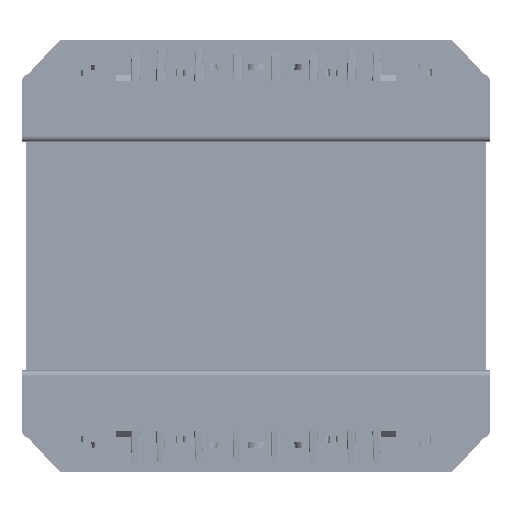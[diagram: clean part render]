
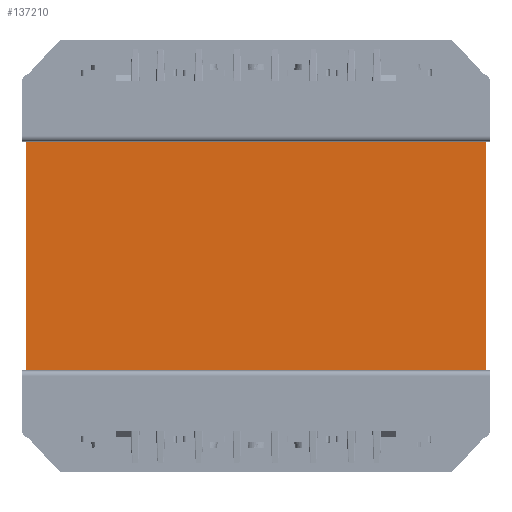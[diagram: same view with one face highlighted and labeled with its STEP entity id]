
A CAD part, front view. The second image highlights one B-rep face of the part: STEP entity #137210.
In plain terms, the highlighted planar face has unit normal (0, -1, 0).
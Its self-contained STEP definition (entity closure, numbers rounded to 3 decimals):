
#402 = CARTESIAN_POINT ( 'NONE',  ( -90.6, -75.5, -45. ) ) ;
#534 = EDGE_LOOP ( 'NONE', ( #59528, #118020, #92042, #32414 ) ) ;
#1834 = DIRECTION ( 'NONE',  ( 1., 0., 0. ) ) ;
#18997 = LINE ( 'NONE', #58507, #49322 ) ;
#20075 = AXIS2_PLACEMENT_3D ( 'NONE', #74802, #164615, #87733 ) ;
#24559 = CARTESIAN_POINT ( 'NONE',  ( -90.6, -75.5, 45. ) ) ;
#27831 = LINE ( 'NONE', #30635, #160627 ) ;
#28632 = VECTOR ( 'NONE', #1834, 1000. ) ;
#30635 = CARTESIAN_POINT ( 'NONE',  ( -90.6, -75.5, -45. ) ) ;
#32414 = ORIENTED_EDGE ( 'NONE', *, *, #51842, .T. ) ;
#49322 = VECTOR ( 'NONE', #71422, 1000. ) ;
#51842 = EDGE_CURVE ( 'NONE', #85105, #54364, #18997, .T. ) ;
#54364 = VERTEX_POINT ( 'NONE', #402 ) ;
#54953 = CARTESIAN_POINT ( 'NONE',  ( 90.6, -75.5, -45. ) ) ;
#58117 = CARTESIAN_POINT ( 'NONE',  ( 90.6, -75.5, 45. ) ) ;
#58507 = CARTESIAN_POINT ( 'NONE',  ( -90.6, -75.5, 45. ) ) ;
#59528 = ORIENTED_EDGE ( 'NONE', *, *, #146695, .T. ) ;
#66926 = LINE ( 'NONE', #58117, #97104 ) ;
#71422 = DIRECTION ( 'NONE',  ( 0., 0., -1. ) ) ;
#74330 = EDGE_CURVE ( 'NONE', #85105, #101980, #157433, .T. ) ;
#74802 = CARTESIAN_POINT ( 'NONE',  ( -90.6, -75.5, 45. ) ) ;
#85105 = VERTEX_POINT ( 'NONE', #24559 ) ;
#87180 = PLANE ( 'NONE',  #20075 ) ;
#87587 = EDGE_CURVE ( 'NONE', #101980, #135320, #66926, .T. ) ;
#87733 = DIRECTION ( 'NONE',  ( 0., 0., 1. ) ) ;
#88254 = CARTESIAN_POINT ( 'NONE',  ( 90.6, -75.5, 45. ) ) ;
#92042 = ORIENTED_EDGE ( 'NONE', *, *, #74330, .F. ) ;
#97104 = VECTOR ( 'NONE', #135125, 1000. ) ;
#101980 = VERTEX_POINT ( 'NONE', #88254 ) ;
#118020 = ORIENTED_EDGE ( 'NONE', *, *, #87587, .F. ) ;
#135125 = DIRECTION ( 'NONE',  ( 0., 0., -1. ) ) ;
#135320 = VERTEX_POINT ( 'NONE', #54953 ) ;
#137210 = ADVANCED_FACE ( 'NONE', ( #163735 ), #87180, .F. ) ;
#146562 = DIRECTION ( 'NONE',  ( 1., 0., 0. ) ) ;
#146695 = EDGE_CURVE ( 'NONE', #54364, #135320, #27831, .T. ) ;
#155951 = CARTESIAN_POINT ( 'NONE',  ( -90.6, -75.5, 45. ) ) ;
#157433 = LINE ( 'NONE', #155951, #28632 ) ;
#160627 = VECTOR ( 'NONE', #146562, 1000. ) ;
#163735 = FACE_OUTER_BOUND ( 'NONE', #534, .T. ) ;
#164615 = DIRECTION ( 'NONE',  ( 0., 1., 0. ) ) ;

--*--

* _Exercise_: Down to the final line, restate the material above word for word, but omit its pictures.

* _Solution for this task_:
[diagram: clean part render]
[diagram: same view with one face highlighted and labeled with its STEP entity id]
A CAD part, front view. The second image highlights one B-rep face of the part: STEP entity #137210.
In plain terms, the highlighted planar face has unit normal (0, -1, 0).
Its self-contained STEP definition (entity closure, numbers rounded to 3 decimals):
#402 = CARTESIAN_POINT ( 'NONE',  ( -90.6, -75.5, -45. ) ) ;
#534 = EDGE_LOOP ( 'NONE', ( #59528, #118020, #92042, #32414 ) ) ;
#1834 = DIRECTION ( 'NONE',  ( 1., 0., 0. ) ) ;
#18997 = LINE ( 'NONE', #58507, #49322 ) ;
#20075 = AXIS2_PLACEMENT_3D ( 'NONE', #74802, #164615, #87733 ) ;
#24559 = CARTESIAN_POINT ( 'NONE',  ( -90.6, -75.5, 45. ) ) ;
#27831 = LINE ( 'NONE', #30635, #160627 ) ;
#28632 = VECTOR ( 'NONE', #1834, 1000. ) ;
#30635 = CARTESIAN_POINT ( 'NONE',  ( -90.6, -75.5, -45. ) ) ;
#32414 = ORIENTED_EDGE ( 'NONE', *, *, #51842, .T. ) ;
#49322 = VECTOR ( 'NONE', #71422, 1000. ) ;
#51842 = EDGE_CURVE ( 'NONE', #85105, #54364, #18997, .T. ) ;
#54364 = VERTEX_POINT ( 'NONE', #402 ) ;
#54953 = CARTESIAN_POINT ( 'NONE',  ( 90.6, -75.5, -45. ) ) ;
#58117 = CARTESIAN_POINT ( 'NONE',  ( 90.6, -75.5, 45. ) ) ;
#58507 = CARTESIAN_POINT ( 'NONE',  ( -90.6, -75.5, 45. ) ) ;
#59528 = ORIENTED_EDGE ( 'NONE', *, *, #146695, .T. ) ;
#66926 = LINE ( 'NONE', #58117, #97104 ) ;
#71422 = DIRECTION ( 'NONE',  ( 0., 0., -1. ) ) ;
#74330 = EDGE_CURVE ( 'NONE', #85105, #101980, #157433, .T. ) ;
#74802 = CARTESIAN_POINT ( 'NONE',  ( -90.6, -75.5, 45. ) ) ;
#85105 = VERTEX_POINT ( 'NONE', #24559 ) ;
#87180 = PLANE ( 'NONE',  #20075 ) ;
#87587 = EDGE_CURVE ( 'NONE', #101980, #135320, #66926, .T. ) ;
#87733 = DIRECTION ( 'NONE',  ( 0., 0., 1. ) ) ;
#88254 = CARTESIAN_POINT ( 'NONE',  ( 90.6, -75.5, 45. ) ) ;
#92042 = ORIENTED_EDGE ( 'NONE', *, *, #74330, .F. ) ;
#97104 = VECTOR ( 'NONE', #135125, 1000. ) ;
#101980 = VERTEX_POINT ( 'NONE', #88254 ) ;
#118020 = ORIENTED_EDGE ( 'NONE', *, *, #87587, .F. ) ;
#135125 = DIRECTION ( 'NONE',  ( 0., 0., -1. ) ) ;
#135320 = VERTEX_POINT ( 'NONE', #54953 ) ;
#137210 = ADVANCED_FACE ( 'NONE', ( #163735 ), #87180, .F. ) ;
#146562 = DIRECTION ( 'NONE',  ( 1., 0., 0. ) ) ;
#146695 = EDGE_CURVE ( 'NONE', #54364, #135320, #27831, .T. ) ;
#155951 = CARTESIAN_POINT ( 'NONE',  ( -90.6, -75.5, 45. ) ) ;
#157433 = LINE ( 'NONE', #155951, #28632 ) ;
#160627 = VECTOR ( 'NONE', #146562, 1000. ) ;
#163735 = FACE_OUTER_BOUND ( 'NONE', #534, .T. ) ;
#164615 = DIRECTION ( 'NONE',  ( 0., 1., 0. ) ) ;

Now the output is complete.